The ten sealed subpoenas likely include psychiatric records, treatment histories, possibly communications with Nick's doctors before the killings. The December 19th sealed medical order probably relates to Nick's mental health evaluation. Everything Jackson uncovered pointed toward insanity, and Nick said no.
What Happens Now
Public Defender Kimberly Greene has taken over. She spoke to Nick for "about 30 seconds" before the hearing. The arraignment has been postponed to February 23rd. This is the second postponement.
Greene and her office now inherit a death-penalty-eligible case with complex mental health issues and, presumably, a client who may refuse the defense most likely to save his life. They learned they were taking over Tuesday night.
DA Nathan Hochman issued a statement expressing confidence that a jury will convict. The Reiner family released a statement expressing "utmost trust in the legal process."
But the legal process just got infinitely more complicated. Because the Sixth Amendment doesn't just protect defendants from the government. It protects them from their own attorneys. It protects their right to make catastrophic decisions about their own defense.
Why This Matters Beyond This Case
My father spent his career defending people the system wanted to crush. He understood something that most people never grasp: Constitutional rights exist precisely for the situations where exercising them seems irrational. The Fourth Amendment protects you even when you have something to hide. The Fifth Amendment protects you even when silence looks like guilt. The Sixth Amendment protects your right to control your own defense even when your choices seem self-destructive.
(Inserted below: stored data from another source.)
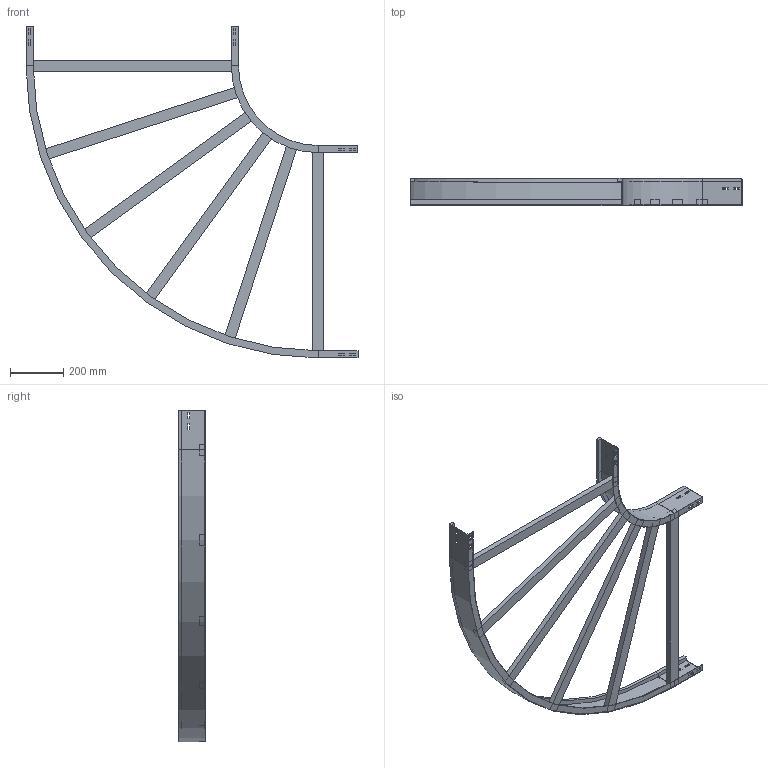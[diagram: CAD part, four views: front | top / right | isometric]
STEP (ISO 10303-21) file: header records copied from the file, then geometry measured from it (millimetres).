
FILE_DESCRIPTION (( 'STEP AP214' ), '1' );
FILE_NAME ('A2_10B3D800.step', '2025-02-21T15:23:11', ( '' ), ( '' ), 'SwSTEP 2.0', 'SolidWorks 2023', '' );
FILE_SCHEMA (( 'AUTOMOTIVE_DESIGN' ));
Length unit declared in the file: millimetre
Products named in the file (4): A2_LONGH.ESTERNO 90°_H100_R300+800; TRAVERSINO_800; A2_10B3D800; A2_LONGH.INTERNO 90°_H100_R300
Assembly tree (8 placements, depth 2):
  A2_10B3D800
    A2_LONGH.INTERNO 90°_H100_R300
    A2_LONGH.ESTERNO 90°_H100_R300+800
    TRAVERSINO_800  x6
Bounding box: 1250 x 100 x 1250 mm (x, y, z)
Volume: 5100840.8 mm3; surface area: 1386858.8 mm2
Topology: 8 solids, 8 shells, 152 faces, 376 edges, 240 vertices
Faces by surface type: plane 144, cylinder 8
Entity records: 3845 total; most frequent: CARTESIAN_POINT 649, ORIENTED_EDGE 632, DIRECTION 598, EDGE_CURVE 316, VECTOR 300, LINE 300, VERTEX_POINT 200, EDGE_LOOP 154

Nick Reiner may be exercising his constitutional right to refuse an insanity defense. That's his right. It might be the worst decision of his life. It might result in his death. But it's his decision to make.
Jackson understood this. He investigated the case, found what he needed, and hit a wall he couldn't ethically overcome. So he withdrew and gave the press the only clue he legally could: Under California law, Nick Reiner is not guilty of murder.
The media can chase the money angle. The public can speculate about family drama. But the law tells a different story. And if you understand McCoy and Read, Jackson's withdrawal makes perfect sense.
This case is far from over. We're watching a constitutional collision play out in real time. A man facing the death penalty. A mental illness that might make him legally not guilty. And a right to refuse the very defense that could save him.
Justice is a process. Sometimes that process is brutal to watch.
Watch the system. Question everything.